PROVIDED MATERIAL below:

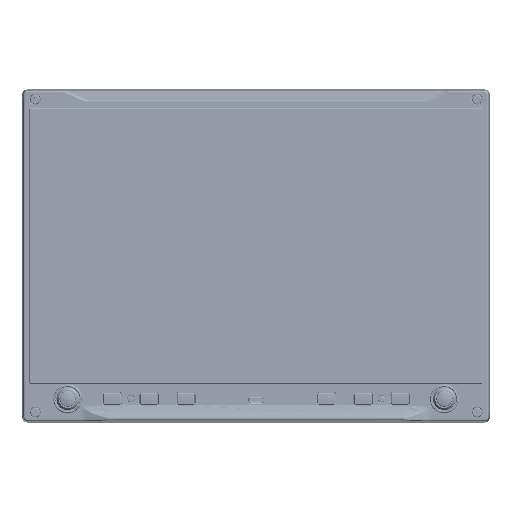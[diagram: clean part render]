
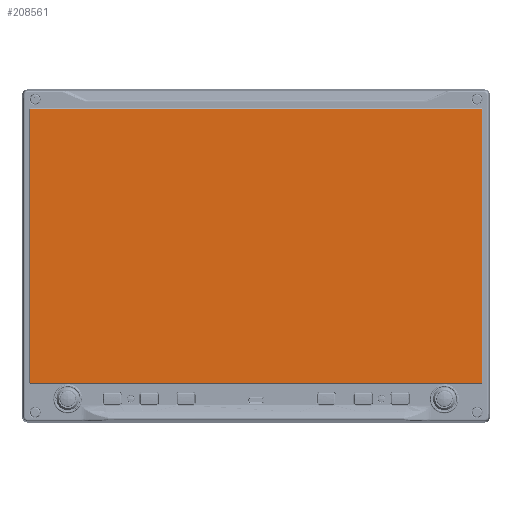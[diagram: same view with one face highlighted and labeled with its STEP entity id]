
A CAD part, top view. The second image highlights one B-rep face of the part: STEP entity #208561.
In plain terms, the highlighted planar face has unit normal (0, 0, 1).
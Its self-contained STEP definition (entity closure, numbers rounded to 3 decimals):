
#706 = EDGE_LOOP ( 'NONE', ( #362053, #126839, #169625, #93293, #419089, #31022, #77369, #316298 ) ) ;
#2884 = EDGE_CURVE ( 'NONE', #439411, #176401, #300907, .T. ) ;
#7460 = DIRECTION ( 'NONE',  ( 0., -1., 0. ) ) ;
#7506 = DIRECTION ( 'NONE',  ( 1., 0., 0. ) ) ;
#10121 = DIRECTION ( 'NONE',  ( 1., 0., 0. ) ) ;
#11800 = DIRECTION ( 'NONE',  ( 1., 0., 0. ) ) ;
#19368 = VERTEX_POINT ( 'NONE', #356666 ) ;
#22014 = LINE ( 'NONE', #380189, #433823 ) ;
#28437 = CIRCLE ( 'NONE', #290731, 0.6 ) ;
#31022 = ORIENTED_EDGE ( 'NONE', *, *, #440756, .T. ) ;
#31741 = CARTESIAN_POINT ( 'NONE',  ( -135.05, 87.39, 17. ) ) ;
#33343 = CIRCLE ( 'NONE', #266565, 0.6 ) ;
#73648 = LINE ( 'NONE', #253892, #178554 ) ;
#77369 = ORIENTED_EDGE ( 'NONE', *, *, #113915, .T. ) ;
#90221 = DIRECTION ( 'NONE',  ( 1., 0., 0. ) ) ;
#93293 = ORIENTED_EDGE ( 'NONE', *, *, #389839, .T. ) ;
#95412 = CARTESIAN_POINT ( 'NONE',  ( 134.45, -76.11, 17. ) ) ;
#99950 = EDGE_CURVE ( 'NONE', #107243, #404873, #73648, .T. ) ;
#102261 = DIRECTION ( 'NONE',  ( -1., 0., 0. ) ) ;
#107243 = VERTEX_POINT ( 'NONE', #31741 ) ;
#112580 = VECTOR ( 'NONE', #11800, 1000. ) ;
#113915 = EDGE_CURVE ( 'NONE', #186603, #107243, #33343, .T. ) ;
#119313 = VERTEX_POINT ( 'NONE', #121695 ) ;
#121695 = CARTESIAN_POINT ( 'NONE',  ( 134.45, 87.99, 17. ) ) ;
#124924 = FACE_OUTER_BOUND ( 'NONE', #706, .T. ) ;
#126839 = ORIENTED_EDGE ( 'NONE', *, *, #2884, .T. ) ;
#131649 = PLANE ( 'NONE',  #237423 ) ;
#138512 = DIRECTION ( 'NONE',  ( 1., 0., 0. ) ) ;
#151958 = VECTOR ( 'NONE', #102261, 1000. ) ;
#169625 = ORIENTED_EDGE ( 'NONE', *, *, #264824, .T. ) ;
#176401 = VERTEX_POINT ( 'NONE', #423520 ) ;
#178554 = VECTOR ( 'NONE', #7460, 1000. ) ;
#186603 = VERTEX_POINT ( 'NONE', #276908 ) ;
#195646 = DIRECTION ( 'NONE',  ( 0., 0., 1. ) ) ;
#208561 = ADVANCED_FACE ( 'NONE', ( #124924 ), #131649, .T. ) ;
#213971 = LINE ( 'NONE', #250475, #151958 ) ;
#237423 = AXIS2_PLACEMENT_3D ( 'NONE', #339365, #195646, #403361 ) ;
#246210 = AXIS2_PLACEMENT_3D ( 'NONE', #263681, #402942, #90221 ) ;
#250475 = CARTESIAN_POINT ( 'NONE',  ( -134.45, 87.99, 17. ) ) ;
#251678 = CARTESIAN_POINT ( 'NONE',  ( -134.45, 87.39, 17. ) ) ;
#253892 = CARTESIAN_POINT ( 'NONE',  ( -135.05, -75.51, 17. ) ) ;
#256574 = VERTEX_POINT ( 'NONE', #423721 ) ;
#260932 = EDGE_CURVE ( 'NONE', #256574, #119313, #375604, .T. ) ;
#263681 = CARTESIAN_POINT ( 'NONE',  ( 134.45, -75.51, 17. ) ) ;
#264824 = EDGE_CURVE ( 'NONE', #176401, #19368, #443065, .T. ) ;
#266565 = AXIS2_PLACEMENT_3D ( 'NONE', #251678, #431955, #7506 ) ;
#266587 = CARTESIAN_POINT ( 'NONE',  ( -134.45, -76.11, 17. ) ) ;
#276908 = CARTESIAN_POINT ( 'NONE',  ( -134.45, 87.99, 17. ) ) ;
#281810 = CARTESIAN_POINT ( 'NONE',  ( 134.45, 87.39, 17. ) ) ;
#290731 = AXIS2_PLACEMENT_3D ( 'NONE', #419225, #307468, #138512 ) ;
#300907 = LINE ( 'NONE', #95412, #112580 ) ;
#304951 = DIRECTION ( 'NONE',  ( 0., 1., 0. ) ) ;
#307468 = DIRECTION ( 'NONE',  ( 0., 0., 1. ) ) ;
#316298 = ORIENTED_EDGE ( 'NONE', *, *, #99950, .T. ) ;
#322787 = DIRECTION ( 'NONE',  ( 0., 0., 1. ) ) ;
#339365 = CARTESIAN_POINT ( 'NONE',  ( 1.44, 4.23, 17. ) ) ;
#355368 = CARTESIAN_POINT ( 'NONE',  ( -135.05, -75.51, 17. ) ) ;
#356666 = CARTESIAN_POINT ( 'NONE',  ( 135.05, -75.51, 17. ) ) ;
#362053 = ORIENTED_EDGE ( 'NONE', *, *, #442145, .T. ) ;
#375604 = CIRCLE ( 'NONE', #448626, 0.6 ) ;
#380189 = CARTESIAN_POINT ( 'NONE',  ( 135.05, 87.39, 17. ) ) ;
#389839 = EDGE_CURVE ( 'NONE', #19368, #256574, #22014, .T. ) ;
#402942 = DIRECTION ( 'NONE',  ( 0., 0., 1. ) ) ;
#403361 = DIRECTION ( 'NONE',  ( 1., 0., 0. ) ) ;
#404873 = VERTEX_POINT ( 'NONE', #355368 ) ;
#419089 = ORIENTED_EDGE ( 'NONE', *, *, #260932, .T. ) ;
#419225 = CARTESIAN_POINT ( 'NONE',  ( -134.45, -75.51, 17. ) ) ;
#423520 = CARTESIAN_POINT ( 'NONE',  ( 134.45, -76.11, 17. ) ) ;
#423721 = CARTESIAN_POINT ( 'NONE',  ( 135.05, 87.39, 17. ) ) ;
#431955 = DIRECTION ( 'NONE',  ( 0., 0., 1. ) ) ;
#433823 = VECTOR ( 'NONE', #304951, 1000. ) ;
#439411 = VERTEX_POINT ( 'NONE', #266587 ) ;
#440756 = EDGE_CURVE ( 'NONE', #119313, #186603, #213971, .T. ) ;
#442145 = EDGE_CURVE ( 'NONE', #404873, #439411, #28437, .T. ) ;
#443065 = CIRCLE ( 'NONE', #246210, 0.6 ) ;
#448626 = AXIS2_PLACEMENT_3D ( 'NONE', #281810, #322787, #10121 ) ;

End of PROVIDED MATERIAL.

• [EXERCISE REQUIREMENTS] Write out all the entries word for word, but drop the pictures.

• [REPLY]
[diagram: clean part render]
[diagram: same view with one face highlighted and labeled with its STEP entity id]
A CAD part, top view. The second image highlights one B-rep face of the part: STEP entity #208561.
In plain terms, the highlighted planar face has unit normal (0, 0, 1).
Its self-contained STEP definition (entity closure, numbers rounded to 3 decimals):
#706 = EDGE_LOOP ( 'NONE', ( #362053, #126839, #169625, #93293, #419089, #31022, #77369, #316298 ) ) ;
#2884 = EDGE_CURVE ( 'NONE', #439411, #176401, #300907, .T. ) ;
#7460 = DIRECTION ( 'NONE',  ( 0., -1., 0. ) ) ;
#7506 = DIRECTION ( 'NONE',  ( 1., 0., 0. ) ) ;
#10121 = DIRECTION ( 'NONE',  ( 1., 0., 0. ) ) ;
#11800 = DIRECTION ( 'NONE',  ( 1., 0., 0. ) ) ;
#19368 = VERTEX_POINT ( 'NONE', #356666 ) ;
#22014 = LINE ( 'NONE', #380189, #433823 ) ;
#28437 = CIRCLE ( 'NONE', #290731, 0.6 ) ;
#31022 = ORIENTED_EDGE ( 'NONE', *, *, #440756, .T. ) ;
#31741 = CARTESIAN_POINT ( 'NONE',  ( -135.05, 87.39, 17. ) ) ;
#33343 = CIRCLE ( 'NONE', #266565, 0.6 ) ;
#73648 = LINE ( 'NONE', #253892, #178554 ) ;
#77369 = ORIENTED_EDGE ( 'NONE', *, *, #113915, .T. ) ;
#90221 = DIRECTION ( 'NONE',  ( 1., 0., 0. ) ) ;
#93293 = ORIENTED_EDGE ( 'NONE', *, *, #389839, .T. ) ;
#95412 = CARTESIAN_POINT ( 'NONE',  ( 134.45, -76.11, 17. ) ) ;
#99950 = EDGE_CURVE ( 'NONE', #107243, #404873, #73648, .T. ) ;
#102261 = DIRECTION ( 'NONE',  ( -1., 0., 0. ) ) ;
#107243 = VERTEX_POINT ( 'NONE', #31741 ) ;
#112580 = VECTOR ( 'NONE', #11800, 1000. ) ;
#113915 = EDGE_CURVE ( 'NONE', #186603, #107243, #33343, .T. ) ;
#119313 = VERTEX_POINT ( 'NONE', #121695 ) ;
#121695 = CARTESIAN_POINT ( 'NONE',  ( 134.45, 87.99, 17. ) ) ;
#124924 = FACE_OUTER_BOUND ( 'NONE', #706, .T. ) ;
#126839 = ORIENTED_EDGE ( 'NONE', *, *, #2884, .T. ) ;
#131649 = PLANE ( 'NONE',  #237423 ) ;
#138512 = DIRECTION ( 'NONE',  ( 1., 0., 0. ) ) ;
#151958 = VECTOR ( 'NONE', #102261, 1000. ) ;
#169625 = ORIENTED_EDGE ( 'NONE', *, *, #264824, .T. ) ;
#176401 = VERTEX_POINT ( 'NONE', #423520 ) ;
#178554 = VECTOR ( 'NONE', #7460, 1000. ) ;
#186603 = VERTEX_POINT ( 'NONE', #276908 ) ;
#195646 = DIRECTION ( 'NONE',  ( 0., 0., 1. ) ) ;
#208561 = ADVANCED_FACE ( 'NONE', ( #124924 ), #131649, .T. ) ;
#213971 = LINE ( 'NONE', #250475, #151958 ) ;
#237423 = AXIS2_PLACEMENT_3D ( 'NONE', #339365, #195646, #403361 ) ;
#246210 = AXIS2_PLACEMENT_3D ( 'NONE', #263681, #402942, #90221 ) ;
#250475 = CARTESIAN_POINT ( 'NONE',  ( -134.45, 87.99, 17. ) ) ;
#251678 = CARTESIAN_POINT ( 'NONE',  ( -134.45, 87.39, 17. ) ) ;
#253892 = CARTESIAN_POINT ( 'NONE',  ( -135.05, -75.51, 17. ) ) ;
#256574 = VERTEX_POINT ( 'NONE', #423721 ) ;
#260932 = EDGE_CURVE ( 'NONE', #256574, #119313, #375604, .T. ) ;
#263681 = CARTESIAN_POINT ( 'NONE',  ( 134.45, -75.51, 17. ) ) ;
#264824 = EDGE_CURVE ( 'NONE', #176401, #19368, #443065, .T. ) ;
#266565 = AXIS2_PLACEMENT_3D ( 'NONE', #251678, #431955, #7506 ) ;
#266587 = CARTESIAN_POINT ( 'NONE',  ( -134.45, -76.11, 17. ) ) ;
#276908 = CARTESIAN_POINT ( 'NONE',  ( -134.45, 87.99, 17. ) ) ;
#281810 = CARTESIAN_POINT ( 'NONE',  ( 134.45, 87.39, 17. ) ) ;
#290731 = AXIS2_PLACEMENT_3D ( 'NONE', #419225, #307468, #138512 ) ;
#300907 = LINE ( 'NONE', #95412, #112580 ) ;
#304951 = DIRECTION ( 'NONE',  ( 0., 1., 0. ) ) ;
#307468 = DIRECTION ( 'NONE',  ( 0., 0., 1. ) ) ;
#316298 = ORIENTED_EDGE ( 'NONE', *, *, #99950, .T. ) ;
#322787 = DIRECTION ( 'NONE',  ( 0., 0., 1. ) ) ;
#339365 = CARTESIAN_POINT ( 'NONE',  ( 1.44, 4.23, 17. ) ) ;
#355368 = CARTESIAN_POINT ( 'NONE',  ( -135.05, -75.51, 17. ) ) ;
#356666 = CARTESIAN_POINT ( 'NONE',  ( 135.05, -75.51, 17. ) ) ;
#362053 = ORIENTED_EDGE ( 'NONE', *, *, #442145, .T. ) ;
#375604 = CIRCLE ( 'NONE', #448626, 0.6 ) ;
#380189 = CARTESIAN_POINT ( 'NONE',  ( 135.05, 87.39, 17. ) ) ;
#389839 = EDGE_CURVE ( 'NONE', #19368, #256574, #22014, .T. ) ;
#402942 = DIRECTION ( 'NONE',  ( 0., 0., 1. ) ) ;
#403361 = DIRECTION ( 'NONE',  ( 1., 0., 0. ) ) ;
#404873 = VERTEX_POINT ( 'NONE', #355368 ) ;
#419089 = ORIENTED_EDGE ( 'NONE', *, *, #260932, .T. ) ;
#419225 = CARTESIAN_POINT ( 'NONE',  ( -134.45, -75.51, 17. ) ) ;
#423520 = CARTESIAN_POINT ( 'NONE',  ( 134.45, -76.11, 17. ) ) ;
#423721 = CARTESIAN_POINT ( 'NONE',  ( 135.05, 87.39, 17. ) ) ;
#431955 = DIRECTION ( 'NONE',  ( 0., 0., 1. ) ) ;
#433823 = VECTOR ( 'NONE', #304951, 1000. ) ;
#439411 = VERTEX_POINT ( 'NONE', #266587 ) ;
#440756 = EDGE_CURVE ( 'NONE', #119313, #186603, #213971, .T. ) ;
#442145 = EDGE_CURVE ( 'NONE', #404873, #439411, #28437, .T. ) ;
#443065 = CIRCLE ( 'NONE', #246210, 0.6 ) ;
#448626 = AXIS2_PLACEMENT_3D ( 'NONE', #281810, #322787, #10121 ) ;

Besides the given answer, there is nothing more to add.